Unified rational formula for pre-cracking torsional stiffness of solid and hollow reinforced concrete members

• A rational formula for calculating the torsional stiffness of solid and hollow RC members is proposed.
• The formula predicts the stiffness of nine hollow RC beam specimens almost perfectly.
• Formula-calculated stiffness values for 147 RC beam specimens are presented and compared.
• Elastic stiffness values of the 147 specimens are examined using the proposed formula.
• The proposed bi-linear simplification can be used in performance-based engineering.

It is generally assumed that the elastic torsional stiffness of structural reinforced concrete (RC) members that are subjected to a torsional moment less than the cracking torque can be accurately estimated, despite a lack of adequate experimental or theoretical examination. The softened membrane model for torsion (SMMT), which has been validated experimentally, provides accurate estimates of pre-cracking torsional stiffness for solid and hollow RC members.

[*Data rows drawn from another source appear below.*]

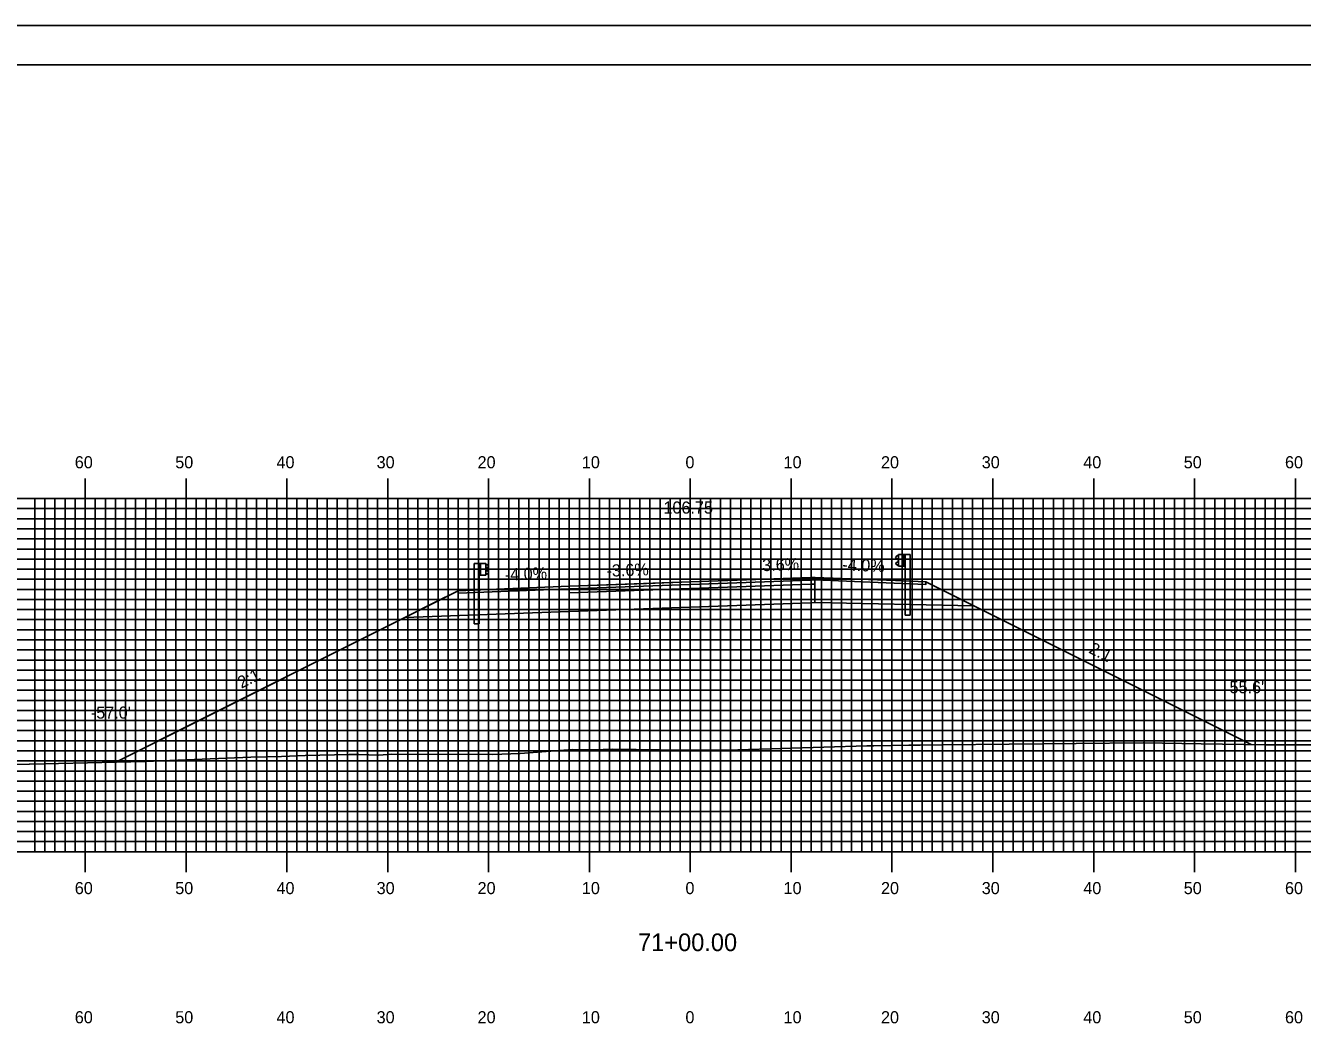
# Model space of a CAD drawing. Extents: x 1760217 to 1760560, y 442591 to 442811.
# Drawn here: x 1760316.8 to 1760443.4, y 442711.2 to 442810.5 of the extents above; entities that cross this region are included whole.
import ezdxf

# ---------------------------------------------------------------- set-up
doc = ezdxf.new("R2010")
doc.units = 0
for name, color, linetype in [('ANNOTATION', 7, 'Continuous'), ('BORDER', 7, 'Continuous'), ('D_Guardrail_Beam_Lt', 7, 'Continuous'), ('D_Guardrail_Beam_Rt', 7, 'Continuous'), ('D_Roadway_Centerline', 7, 'Continuous'), ('D_Roadway_Centerline_Text', 7, 'Continuous'), ('D_Roadway_Edge_Shoulder', 7, 'Continuous'), ('D_Roadway_Edge_TW', 7, 'Continuous'), ('D_Roadway_Pavement', 7, 'Continuous'), ('D_Roadway_SlopeLines', 7, 'Continuous'), ('D_Roadway_SubGrade', 7, 'Continuous'), ('D_Text_Standard', 7, 'Continuous'), ('H_V ANNOTATION', 7, 'Continuous'), ('MAJOR', 7, 'Continuous'), ('MINOR', 7, 'Continuous'), ('PLOT BOUNDARY', 7, 'Continuous'), ('S_Roadway_Centerline', 7, 'Continuous')]:
    doc.layers.add(name, color=color, linetype=linetype)

msp = doc.modelspace()

# ---------------------------------------------------------------- linework, layer by layer
at = {"layer": 'BORDER'}
msp.add_lwpolyline([(1760233.1, 442596.67), (1760553.1, 442596.67), (1760553.1, 442806.67), (1760233.1, 442806.67)], close=True, dxfattribs=at)
at = {"layer": 'D_Guardrail_Beam_Lt'}
for p, q in [((1760361.27, 442757.25), (1760361.27, 442751.25)), ((1760361.74, 442757.25), (1760361.27, 442757.25)), ((1760362.43, 442757.25), (1760361.74, 442757.25)), ((1760361.74, 442757.25), (1760361.74, 442756.08)), ((1760361.8, 442757.25), (1760361.8, 442756.08)), ((1760361.91, 442757.25), (1760361.91, 442756.08)), ((1760362.43, 442756.08), (1760362.43, 442757.25)), ((1760362.43, 442757.16), (1760362.5, 442757.15)), ((1760362.43, 442756.7), (1760362.43, 442756.63)), ((1760362.5, 442756.18), (1760362.43, 442756.16)), ((1760362.66, 442756.9), (1760362.47, 442756.76)), ((1760362.47, 442756.56), (1760362.66, 442756.43)), ((1760362.52, 442757.14), (1760362.66, 442757.04)), ((1760362.66, 442756.28), (1760362.52, 442756.18)), ((1760361.74, 442756.08), (1760362.43, 442756.08)), ((1760361.76, 442751.25), (1760361.76, 442756.08)), ((1760361.76, 442751.25), (1760361.27, 442751.25))]:
    msp.add_line(p, q, dxfattribs=at)
for centre, major_axis, start_param, end_param in [((1760362.51, 442756.7), (-0.0789, 0), 5.323254, 6.283185), ((1760362.51, 442756.63), (-0.0789, 0), 6.283185, 7.243116), ((1760362.5, 442757.11), (0.0417, 0), 0.959931, 1.376053), ((1760362.5, 442756.22), (0.0417, 0), 4.907132, 5.323254), ((1760362.61, 442756.97), (0.0877, 0), 5.323254, 7.243116), ((1760362.61, 442756.36), (0.0877, 0), 5.323254, 7.243116)]:
    msp.add_ellipse(centre, major_axis=major_axis, ratio=0.995501, start_param=start_param, end_param=end_param, dxfattribs=at)
at = {"layer": 'D_Guardrail_Beam_Rt'}
for p, q in [((1760403.25, 442758.02), (1760403.1, 442757.92)), ((1760403.1, 442757.77), (1760403.3, 442757.64)), ((1760403.3, 442757.44), (1760403.1, 442757.3)), ((1760403.34, 442758.04), (1760403.26, 442758.02)), ((1760403.33, 442757.57), (1760403.33, 442757.5)), ((1760403.34, 442758.12), (1760404.02, 442758.12)), ((1760403.34, 442756.96), (1760403.34, 442758.12)), ((1760403.86, 442758.12), (1760403.86, 442756.96)), ((1760403.96, 442758.12), (1760403.96, 442756.96)), ((1760404.02, 442758.12), (1760404.49, 442758.12)), ((1760404.02, 442758.12), (1760404.02, 442756.96)), ((1760404.49, 442758.12), (1760404.49, 442752.12)), ((1760403.1, 442757.16), (1760403.25, 442757.06)), ((1760403.26, 442757.05), (1760403.34, 442757.04)), ((1760404.02, 442756.96), (1760403.34, 442756.96)), ((1760404, 442752.12), (1760404, 442756.96)), ((1760404, 442752.12), (1760404.49, 442752.12))]:
    msp.add_line(p, q, dxfattribs=at)
for centre, major_axis, start_param, end_param in [((1760403.15, 442757.85), (-0.0877, 0), 5.323254, 7.243116), ((1760403.27, 442757.98), (-0.0417, 0), 4.907132, 5.323254), ((1760403.25, 442757.57), (0.0789, 0), 0, 0.959931), ((1760403.25, 442757.5), (0.0789, 0), 5.323254, 6.283185), ((1760403.15, 442757.23), (-0.0877, 0), 5.323254, 7.243116), ((1760403.27, 442757.09), (-0.0417, 0), 0.959931, 1.376053)]:
    msp.add_ellipse(centre, major_axis=major_axis, ratio=0.995501, start_param=start_param, end_param=end_param, dxfattribs=at)
at = {"layer": 'D_Roadway_Centerline'}
msp.add_lwpolyline([(1760325.68, 442737.53), (1760333.64, 442741.51), (1760354.41, 442751.9), (1760354.41, 442751.9), (1760357.2, 442753.29), (1760359.7, 442754.54), (1760361.82, 442754.63), (1760362.7, 442754.66), (1760362.7, 442754.66), (1760370.7, 442754.98), (1760370.71, 442754.98), (1760378.37, 442755.26), (1760382.7, 442755.41), (1760389.19, 442755.65), (1760394.7, 442755.85), (1760394.97, 442755.86), (1760395.06, 442755.86), (1760396.87, 442755.79), (1760403.06, 442755.54), (1760403.06, 442755.54), (1760406.07, 442755.42), (1760410.81, 442753.04), (1760438.32, 442739.29), (1760438.33, 442739.29)], dxfattribs=at)
at = {"layer": 'D_Roadway_Edge_Shoulder'}
for points in [[(1760370.7, 442754.98), (1760362.7, 442754.66), (1760362.7, 442754.66), (1760359.7, 442754.54), (1760359.7, 442754.29), (1760370.7, 442754.73)], [(1760395.06, 442755.86), (1760403.06, 442755.54), (1760403.06, 442755.54), (1760406.07, 442755.42), (1760406.07, 442755.17), (1760395.06, 442755.61)]]:
    msp.add_lwpolyline(points, close=True, dxfattribs=at)
at = {"layer": 'D_Roadway_Edge_TW'}
for points in [[(1760370.7, 442754.73), (1760370.7, 442754.98), (1760382.7, 442755.41), (1760394.7, 442755.85), (1760394.7, 442755.6), (1760382.7, 442755.16)], [(1760394.7, 442755.85), (1760395.06, 442755.86), (1760395.06, 442755.61), (1760394.7, 442755.6)]]:
    msp.add_lwpolyline(points, close=True, dxfattribs=at)
at = {"layer": 'D_Roadway_Pavement'}
for points in [[(1760370.7, 442754.32), (1760370.7, 442754.73), (1760382.7, 442755.16), (1760394.7, 442755.6), (1760394.7, 442755.18), (1760382.7, 442754.75)], [(1760394.7, 442755.6), (1760395.06, 442755.61), (1760395.06, 442755.19), (1760394.7, 442755.18)]]:
    msp.add_lwpolyline(points, close=True, dxfattribs=at)
for points in [[(1760395.06, 442755.61), (1760395.06, 442755.19)], [(1760395.06, 442755.61), (1760395.06, 442755.19)], [(1760370.7, 442754.73), (1760370.7, 442754.32)]]:
    msp.add_lwpolyline(points, dxfattribs=at)
at = {"layer": 'D_Roadway_SlopeLines'}
for points in [[(1760406.07, 442755.42), (1760438.33, 442739.29)], [(1760359.7, 442754.54), (1760325.68, 442737.53)]]:
    msp.add_lwpolyline(points, dxfattribs=at)
at = {"layer": 'D_Roadway_SubGrade'}
for points in [[(1760370.7, 442752.48), (1760370.7, 442754.32), (1760382.7, 442754.75), (1760394.7, 442755.18), (1760394.7, 442753.35), (1760382.7, 442752.91)], [(1760394.7, 442755.18), (1760395.06, 442755.19), (1760395.06, 442753.36), (1760394.7, 442753.35)], [(1760395.06, 442755.19), (1760395.06, 442755.61), (1760406.07, 442755.17), (1760406.07, 442755.42), (1760410.81, 442753.04), (1760395.06, 442753.36)], [(1760370.7, 442754.32), (1760370.7, 442754.73), (1760359.7, 442754.29), (1760359.7, 442754.54), (1760354.41, 442751.9), (1760370.7, 442752.48)]]:
    msp.add_lwpolyline(points, close=True, dxfattribs=at)
at = {"layer": 'MAJOR'}
for p, q in [((1760322.7, 442765.67), (1760322.7, 442763.67)), ((1760332.7, 442765.67), (1760332.7, 442763.67)), ((1760342.7, 442765.67), (1760342.7, 442763.67)), ((1760352.7, 442765.67), (1760352.7, 442763.67)), ((1760362.7, 442765.67), (1760362.7, 442763.67)), ((1760372.7, 442765.67), (1760372.7, 442763.67)), ((1760382.7, 442765.67), (1760382.7, 442763.67)), ((1760392.7, 442765.67), (1760392.7, 442763.67)), ((1760402.7, 442765.67), (1760402.7, 442763.67)), ((1760412.7, 442765.67), (1760412.7, 442763.67)), ((1760422.7, 442765.67), (1760422.7, 442763.67)), ((1760432.7, 442765.67), (1760432.7, 442763.67)), ((1760442.7, 442765.67), (1760442.7, 442763.67)), ((1760242.7, 442763.67), (1760522.7, 442763.67)), ((1760242.7, 442763.67), (1760522.7, 442763.67)), ((1760322.7, 442728.67), (1760322.7, 442763.67)), ((1760332.7, 442728.67), (1760332.7, 442763.67)), ((1760342.7, 442728.67), (1760342.7, 442763.67)), ((1760352.7, 442728.67), (1760352.7, 442763.67)), ((1760362.7, 442728.67), (1760362.7, 442763.67)), ((1760372.7, 442728.67), (1760372.7, 442763.67)), ((1760382.7, 442728.67), (1760382.7, 442763.67)), ((1760392.7, 442728.67), (1760392.7, 442763.67)), ((1760402.7, 442728.67), (1760402.7, 442763.67)), ((1760412.7, 442728.67), (1760412.7, 442763.67)), ((1760422.7, 442728.67), (1760422.7, 442763.67)), ((1760432.7, 442728.67), (1760432.7, 442763.67)), ((1760442.7, 442728.67), (1760442.7, 442763.67)), ((1760242.7, 442758.67), (1760522.7, 442758.67)), ((1760242.7, 442753.67), (1760522.7, 442753.67)), ((1760242.7, 442748.67), (1760522.7, 442748.67)), ((1760242.7, 442743.67), (1760522.7, 442743.67)), ((1760242.7, 442738.67), (1760522.7, 442738.67)), ((1760242.7, 442733.67), (1760522.7, 442733.67)), ((1760242.7, 442728.67), (1760522.7, 442728.67)), ((1760242.7, 442728.67), (1760522.7, 442728.67)), ((1760322.7, 442726.66), (1760322.7, 442728.67)), ((1760332.7, 442726.66), (1760332.7, 442728.67)), ((1760342.7, 442726.66), (1760342.7, 442728.67)), ((1760352.7, 442726.66), (1760352.7, 442728.67)), ((1760362.7, 442726.66), (1760362.7, 442728.67)), ((1760372.7, 442726.66), (1760372.7, 442728.67)), ((1760382.7, 442726.66), (1760382.7, 442728.67)), ((1760392.7, 442726.66), (1760392.7, 442728.67)), ((1760402.7, 442726.66), (1760402.7, 442728.67)), ((1760412.7, 442726.66), (1760412.7, 442728.67)), ((1760422.7, 442726.66), (1760422.7, 442728.67)), ((1760432.7, 442726.66), (1760432.7, 442728.67)), ((1760442.7, 442726.66), (1760442.7, 442728.67))]:
    msp.add_line(p, q, dxfattribs=at)
at = {"layer": 'MINOR'}
for p, q in [((1760242.7, 442762.67), (1760522.7, 442762.67)), ((1760317.7, 442728.67), (1760317.7, 442763.67)), ((1760318.7, 442728.67), (1760318.7, 442763.67)), ((1760319.7, 442728.67), (1760319.7, 442763.67)), ((1760320.7, 442728.67), (1760320.7, 442763.67)), ((1760321.7, 442728.67), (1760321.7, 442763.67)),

However, the SMMT requires an iterative solution algorithm, and is thus inconvenient for design purposes. This paper presents a simplification of the SMMT and proposes a unified rational formula for the direct calculation of the initial torsional stiffness of solid and hollow RC members. The proposed formula predicts the initial torsional stiffness of nine hollow RC beam specimens almost perfectly. When used to calculate the stiffness of 147 solid and hollow RC beam specimens, the proposed formula is found to be an almost perfect simplification of the SMMT in terms of initial torsional stiffness. However, the elastic stiffness values of the 147 specimens deviate from the formula-calculated values by −40% to +50%, suggesting the values may not be as accurate as commonly presumed. It is also shown that the proposed formula can combine with an existing Tcr-θcrTcr-θcr formula to provide a precise bi-linear simplification of the nonlinear pre-cracking torque-twist curves for solid and hollow RC members; this can then be conveniently used in the nonlinear finite element analyses needed in performance-based engineering.